The mass loss of glaciers, either polar or Alpine, and ice sheets, poses threats to sea-level rise, water supply, tourism activities, and unique ecosystems but also marks the doom of a priceless cultural and natural heritage. Glaciological archives are unique because they are the only ones to provide information on the past atmospheric composition over the last 800 000 years (EPICA Community members, 2006). Many proxies can be studied from ice cores allowing to document the evolution and variation of the temperature, the dust content, the geomagnetic field, the solar and volcanic activities, the oxidative capacity of the atmosphere, the carbon cycle, etc. Ice cores are valuable and irreplaceable archives, which help us understanding both natural mechanisms and anthropogenic influences. The data obtained from ice cores have yielded meaningful results for models and aided in discovering, confirming, or improving understanding of geophysical or geochemical mechanisms.
On the one hand, ice cores from Alpine glacier allow to investigate the evolution of the atmospheric composition at regional levels. On the other hand, Polar ice cores offer the possibility to study the global climate through glacial/interglacial cycles. Besides, extreme atmospheric events are stored in these glacial archives making it possible, for instance, to decipher the stratospheric or tropospheric origin of past volcanic eruptions or to detect the global deposition of 36Cl produced during the period of the nuclear bomb tests.

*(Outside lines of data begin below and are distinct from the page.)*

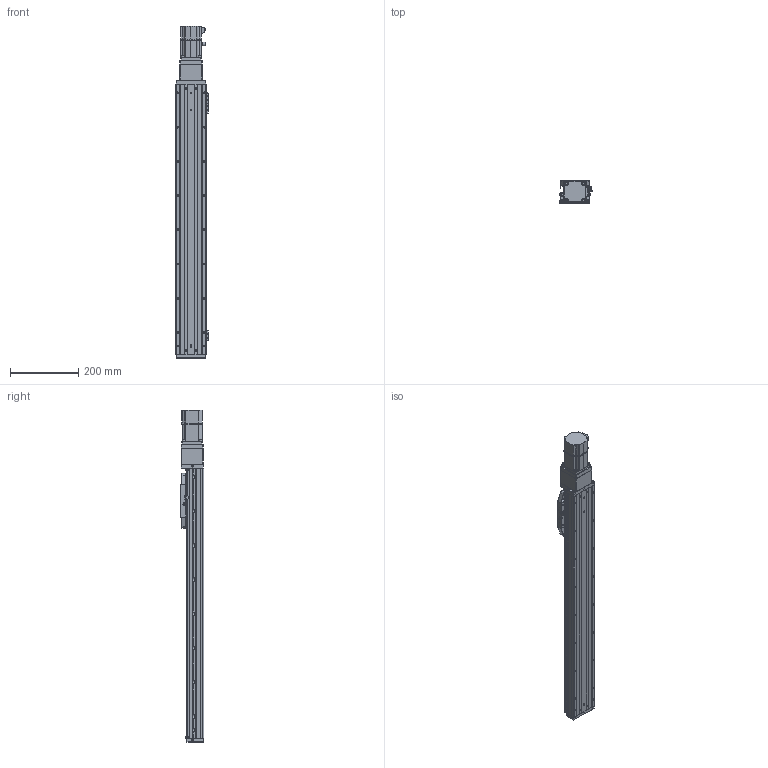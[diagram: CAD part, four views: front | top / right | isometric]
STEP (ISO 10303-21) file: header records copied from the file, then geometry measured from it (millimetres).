
FILE_DESCRIPTION (( 'STEP AP203' ), '1' );
FILE_NAME ('CTHA86-600-BC-M20-C4L.step', '2022-04-26T00:47:40', ( '微软用户' ), ( '微软中国' ), 'SwSTEP 2.0', 'SolidWorks 2020', '' );
FILE_SCHEMA (( 'CONFIG_CONTROL_DESIGN' ));
Length unit declared in the file: millimetre
Products named in the file (22): GBT 70.3-M3℅6; EE_SX911P_R; GBT 70.1-M3℅6; CTHA86-002; CTHA60-017; CTHA60-016; CTHA86-031; CTHA60-021; CTHA86-013; CTHA86-030; KTHA86-001_790; GBT77-2000 M3×3; CTHA86-027; CTHA86-600-BC-M20-C4L; KTHA86-004; GBT 70.1-M3×20; CTHA86-006-1_CTHA86-006-2; KTHA86-005; GBT70.1 M5℅16; _X2_4E0983F1_X0_200W_1; GB¨uT 70.2-M3¡Á5_M3¡Á6; GBT 70.1-M3×16
Assembly tree (65 placements, depth 2):
  CTHA86-600-BC-M20-C4L
    KTHA86-001_790
    KTHA86-004
    KTHA86-005
    GB¨uT 70.2-M3¡Á5_M3¡Á6  x10
    EE_SX911P_R  x3
    CTHA60-017  x3
    CTHA60-021  x2
    GBT77-2000 M3×3  x6
    GBT 70.1-M3×20
    GBT70.1 M5℅16  x14
    GBT 70.1-M3×16
    GBT 70.1-M3℅6  x6
    CTHA60-016  x2
    CTHA86-013
    CTHA86-027
    CTHA86-006-1_CTHA86-006-2
    _X2_4E0983F1_X0_200W_1
    GBT 70.3-M3℅6  x6
    CTHA86-002
    CTHA86-031
    CTHA86-030  x2
Bounding box: 93.82 x 68 x 970.5 mm (x, y, z)
Volume: 3258467.8 mm3; surface area: 580813.6 mm2
Topology: 67 solids, 67 shells, 2734 faces, 6527 edges, 4012 vertices
Faces by surface type: plane 1428, cylinder 703, cone 390, torus 120, bspline 69, sphere 24
Entity records: 48275 total; most frequent: CARTESIAN_POINT 8960, DIRECTION 7598, ORIENTED_EDGE 7310, EDGE_CURVE 3655, AXIS2_PLACEMENT_3D 2586, LINE 2426, VECTOR 2426, VERTEX_POINT 2290

This workshop is organized as follow: - An introduction presenting the ice core science from Alpine glaciers to Greenland and Antarctica ice sheets, from the late Pleistocene to the last 100 years. We will address notions of proxies, transfer function, and dating. - A second session will be dedicated to the study of one proxy among a list that will be proposed (e.g. CO2, 36Cl/10Be, Δ36(O2), Δ17O, Black carbon, Hg,…). - The last session will allow to discuss the current limitations, unknowns, and the ongoing international projects in the ice core community such as the Beyond EPICA-Oldest Ice and the Ice Memory programmes. New and innovative proxies or topics will be presented (extreme solar particle events, microorganisms, organics, past oxidative capacity of the atmosphere…).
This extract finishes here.